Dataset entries
::::::::

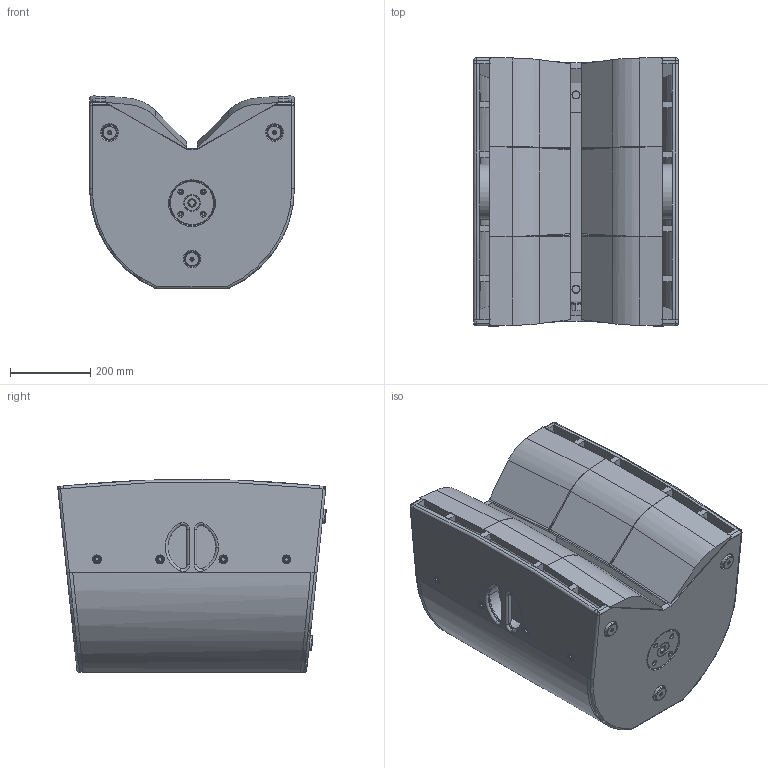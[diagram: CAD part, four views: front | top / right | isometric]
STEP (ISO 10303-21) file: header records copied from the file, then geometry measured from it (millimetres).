
FILE_DESCRIPTION (( 'STEP AP203' ), '1' );
FILE_NAME ('Seeburg_G3.STEP', '2012-10-15T13:06:54', ( 'Fabian' ), ( '' ), 'SwSTEP 2.0', 'SolidWorks 2009', '' );
FILE_SCHEMA (( 'CONFIG_CONTROL_DESIGN' ));
Length unit declared in the file: millimetre
Products named in the file (2): Seeburg_G3; G3
Assembly tree (1 placements, depth 2):
  Seeburg_G3
    G3
Bounding box: 512 x 671.21 x 482.64 mm (x, y, z)
Surface area: 3816506.1 mm2 (no closed solid volume)
Topology: 0 solids, 33 shells, 820 faces, 1969 edges, 1238 vertices
Faces by surface type: plane 350, cylinder 283, cone 122, torus 60, sphere 5
Entity records: 27869 total; most frequent: CARTESIAN_POINT 8329, DIRECTION 4204, ORIENTED_EDGE 3922, EDGE_CURVE 1963, AXIS2_PLACEMENT_3D 1586, VERTEX_POINT 1234, VECTOR 1032, LINE 1032
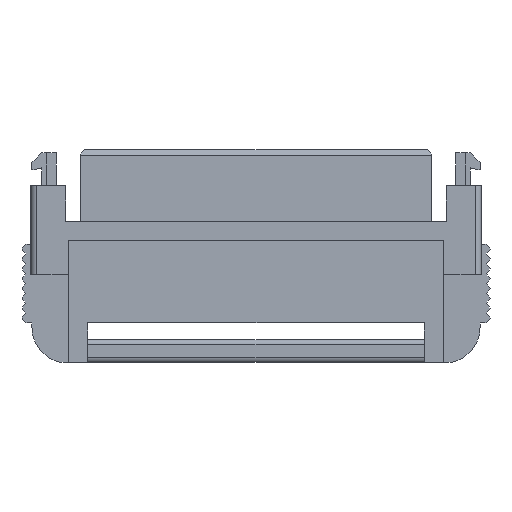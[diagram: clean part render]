
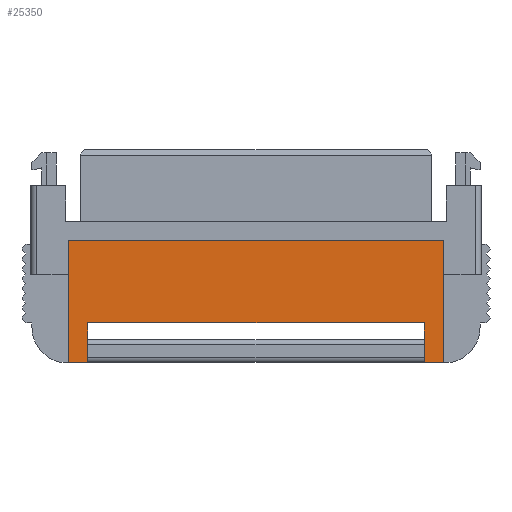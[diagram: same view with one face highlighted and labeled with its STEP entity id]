
A CAD part, front view. The second image highlights one B-rep face of the part: STEP entity #25350.
In plain terms, the highlighted planar face has unit normal (0, -1, 0).
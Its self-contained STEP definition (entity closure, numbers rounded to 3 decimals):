
#24640=CARTESIAN_POINT('',(20.436,-54.156,
7.113));
#24650=DIRECTION('',(0.,1.,0.));
#24660=DIRECTION('',(1.,0.,0.));
#24670=AXIS2_PLACEMENT_3D('',#24640,#24650,#24660);
#24680=PLANE('',#24670);
#24690=CARTESIAN_POINT('',(0.,-54.156,-2.7));
#24700=DIRECTION('',(1.,0.,0.));
#24710=VECTOR('',#24700,1.);
#24720=LINE('',#24690,#24710);
#24730=CARTESIAN_POINT('',(7.26,-54.156,
-2.7));
#24740=VERTEX_POINT('',#24730);
#24750=CARTESIAN_POINT('',(41.4,-54.156,
-2.7));
#24760=VERTEX_POINT('',#24750);
#24770=EDGE_CURVE('',#24740,#24760,#24720,.T.);
#24780=ORIENTED_EDGE('',*,*,#24770,.T.);
#24790=CARTESIAN_POINT('',(7.26,-54.156,
14.857));
#24800=DIRECTION('',(0.,0.,1.));
#24810=VECTOR('',#24800,1.);
#24820=LINE('',#24790,#24810);
#24830=CARTESIAN_POINT('',(7.26,-54.156,
-6.7));
#24840=VERTEX_POINT('',#24830);
#24850=EDGE_CURVE('',#24840,#24740,#24820,.T.);
#24860=ORIENTED_EDGE('',*,*,#24850,.T.);
#24870=CARTESIAN_POINT('',(35.785,-54.156,-6.7));
#24880=DIRECTION('',(-1.,0.,0.));
#24890=VECTOR('',#24880,1.);
#24900=LINE('',#24870,#24890);
#24910=CARTESIAN_POINT('',(5.255,-54.156,-6.7));
#24920=VERTEX_POINT('',#24910);
#24930=EDGE_CURVE('',#24840,#24920,#24900,.T.);
#24940=ORIENTED_EDGE('',*,*,#24930,.F.);
#24950=CARTESIAN_POINT('',(5.255,-54.156,
0.));
#24960=DIRECTION('',(0.,0.,1.));
#24970=VECTOR('',#24960,1.);
#24980=LINE('',#24950,#24970);
#24990=CARTESIAN_POINT('',(5.255,-54.156,
5.7));
#25000=VERTEX_POINT('',#24990);
#25010=EDGE_CURVE('',#24920,#25000,#24980,.T.);
#25020=ORIENTED_EDGE('',*,*,#25010,.F.);
#25030=CARTESIAN_POINT('',(-118.443,-54.156,
5.7));
#25040=DIRECTION('',(-1.,0.,0.));
#25050=VECTOR('',#25040,1.);
#25060=LINE('',#25030,#25050);
#25070=CARTESIAN_POINT('',(43.405,-54.156,
5.7));
#25080=VERTEX_POINT('',#25070);
#25090=EDGE_CURVE('',#25080,#25000,#25060,.T.);
#25100=ORIENTED_EDGE('',*,*,#25090,.T.);
#25110=CARTESIAN_POINT('',(43.405,-54.156,
-2.7));
#25120=DIRECTION('',(0.,0.,1.));
#25130=VECTOR('',#25120,1.);
#25140=LINE('',#25110,#25130);
#25150=CARTESIAN_POINT('',(43.405,-54.156,-6.7));
#25160=VERTEX_POINT('',#25150);
#25170=EDGE_CURVE('',#25160,#25080,#25140,.T.);
#25180=ORIENTED_EDGE('',*,*,#25170,.T.);
#25190=CARTESIAN_POINT('',(43.405,-54.156,-6.7));
#25200=DIRECTION('',(-1.,0.,0.));
#25210=VECTOR('',#25200,1.);
#25220=LINE('',#25190,#25210);
#25230=CARTESIAN_POINT('',(41.4,-54.156,-6.7));
#25240=VERTEX_POINT('',#25230);
#25250=EDGE_CURVE('',#25160,#25240,#25220,.T.);
#25260=ORIENTED_EDGE('',*,*,#25250,.F.);
#25270=CARTESIAN_POINT('',(41.4,-54.156,
14.857));
#25280=DIRECTION('',(0.,0.,-1.));
#25290=VECTOR('',#25280,1.);
#25300=LINE('',#25270,#25290);
#25310=EDGE_CURVE('',#24760,#25240,#25300,.T.);
#25320=ORIENTED_EDGE('',*,*,#25310,.T.);
#25330=EDGE_LOOP('',(#25320,#25260,#25180,#25100,#25020,#24940,#24860,
#24780));
#25340=FACE_OUTER_BOUND('',#25330,.T.);
#25350=ADVANCED_FACE('',(#25340),#24680,.F.);

::::::::

Give every record again without changing a word. Exclude the pictures.

Reply to the task:
[diagram: CAD part, four views: front | top / right | isometric]
STEP (ISO 10303-21) file: header records copied from the file, then geometry measured from it (millimetres).
FILE_DESCRIPTION (( 'STEP AP203' ), '1' );
FILE_NAME ('Seeburg_G3.STEP', '2012-10-15T13:06:54', ( 'Fabian' ), ( '' ), 'SwSTEP 2.0', 'SolidWorks 2009', '' );
FILE_SCHEMA (( 'CONFIG_CONTROL_DESIGN' ));
Length unit declared in the file: millimetre
Products named in the file (2): Seeburg_G3; G3
Assembly tree (1 placements, depth 2):
  Seeburg_G3
    G3
Bounding box: 512 x 671.21 x 482.64 mm (x, y, z)
Surface area: 3816506.1 mm2 (no closed solid volume)
Topology: 0 solids, 33 shells, 820 faces, 1969 edges, 1238 vertices
Faces by surface type: plane 350, cylinder 283, cone 122, torus 60, sphere 5
Entity records: 27869 total; most frequent: CARTESIAN_POINT 8329, DIRECTION 4204, ORIENTED_EDGE 3922, EDGE_CURVE 1963, AXIS2_PLACEMENT_3D 1586, VERTEX_POINT 1234, VECTOR 1032, LINE 1032
[diagram: clean part render]
[diagram: same view with one face highlighted and labeled with its STEP entity id]
A CAD part, front view. The second image highlights one B-rep face of the part: STEP entity #25350.
In plain terms, the highlighted planar face has unit normal (0, -1, 0).
Its self-contained STEP definition (entity closure, numbers rounded to 3 decimals):
#24640=CARTESIAN_POINT('',(20.436,-54.156,
7.113));
#24650=DIRECTION('',(0.,1.,0.));
#24660=DIRECTION('',(1.,0.,0.));
#24670=AXIS2_PLACEMENT_3D('',#24640,#24650,#24660);
#24680=PLANE('',#24670);
#24690=CARTESIAN_POINT('',(0.,-54.156,-2.7));
#24700=DIRECTION('',(1.,0.,0.));
#24710=VECTOR('',#24700,1.);
#24720=LINE('',#24690,#24710);
#24730=CARTESIAN_POINT('',(7.26,-54.156,
-2.7));
#24740=VERTEX_POINT('',#24730);
#24750=CARTESIAN_POINT('',(41.4,-54.156,
-2.7));
#24760=VERTEX_POINT('',#24750);
#24770=EDGE_CURVE('',#24740,#24760,#24720,.T.);
#24780=ORIENTED_EDGE('',*,*,#24770,.T.);
#24790=CARTESIAN_POINT('',(7.26,-54.156,
14.857));
#24800=DIRECTION('',(0.,0.,1.));
#24810=VECTOR('',#24800,1.);
#24820=LINE('',#24790,#24810);
#24830=CARTESIAN_POINT('',(7.26,-54.156,
-6.7));
#24840=VERTEX_POINT('',#24830);
#24850=EDGE_CURVE('',#24840,#24740,#24820,.T.);
#24860=ORIENTED_EDGE('',*,*,#24850,.T.);
#24870=CARTESIAN_POINT('',(35.785,-54.156,-6.7));
#24880=DIRECTION('',(-1.,0.,0.));
#24890=VECTOR('',#24880,1.);
#24900=LINE('',#24870,#24890);
#24910=CARTESIAN_POINT('',(5.255,-54.156,-6.7));
#24920=VERTEX_POINT('',#24910);
#24930=EDGE_CURVE('',#24840,#24920,#24900,.T.);
#24940=ORIENTED_EDGE('',*,*,#24930,.F.);
#24950=CARTESIAN_POINT('',(5.255,-54.156,
0.));
#24960=DIRECTION('',(0.,0.,1.));
#24970=VECTOR('',#24960,1.);
#24980=LINE('',#24950,#24970);
#24990=CARTESIAN_POINT('',(5.255,-54.156,
5.7));
#25000=VERTEX_POINT('',#24990);
#25010=EDGE_CURVE('',#24920,#25000,#24980,.T.);
#25020=ORIENTED_EDGE('',*,*,#25010,.F.);
#25030=CARTESIAN_POINT('',(-118.443,-54.156,
5.7));
#25040=DIRECTION('',(-1.,0.,0.));
#25050=VECTOR('',#25040,1.);
#25060=LINE('',#25030,#25050);
#25070=CARTESIAN_POINT('',(43.405,-54.156,
5.7));
#25080=VERTEX_POINT('',#25070);
#25090=EDGE_CURVE('',#25080,#25000,#25060,.T.);
#25100=ORIENTED_EDGE('',*,*,#25090,.T.);
#25110=CARTESIAN_POINT('',(43.405,-54.156,
-2.7));
#25120=DIRECTION('',(0.,0.,1.));
#25130=VECTOR('',#25120,1.);
#25140=LINE('',#25110,#25130);
#25150=CARTESIAN_POINT('',(43.405,-54.156,-6.7));
#25160=VERTEX_POINT('',#25150);
#25170=EDGE_CURVE('',#25160,#25080,#25140,.T.);
#25180=ORIENTED_EDGE('',*,*,#25170,.T.);
#25190=CARTESIAN_POINT('',(43.405,-54.156,-6.7));
#25200=DIRECTION('',(-1.,0.,0.));
#25210=VECTOR('',#25200,1.);
#25220=LINE('',#25190,#25210);
#25230=CARTESIAN_POINT('',(41.4,-54.156,-6.7));
#25240=VERTEX_POINT('',#25230);
#25250=EDGE_CURVE('',#25160,#25240,#25220,.T.);
#25260=ORIENTED_EDGE('',*,*,#25250,.F.);
#25270=CARTESIAN_POINT('',(41.4,-54.156,
14.857));
#25280=DIRECTION('',(0.,0.,-1.));
#25290=VECTOR('',#25280,1.);
#25300=LINE('',#25270,#25290);
#25310=EDGE_CURVE('',#24760,#25240,#25300,.T.);
#25320=ORIENTED_EDGE('',*,*,#25310,.T.);
#25330=EDGE_LOOP('',(#25320,#25260,#25180,#25100,#25020,#24940,#24860,
#24780));
#25340=FACE_OUTER_BOUND('',#25330,.T.);
#25350=ADVANCED_FACE('',(#25340),#24680,.F.);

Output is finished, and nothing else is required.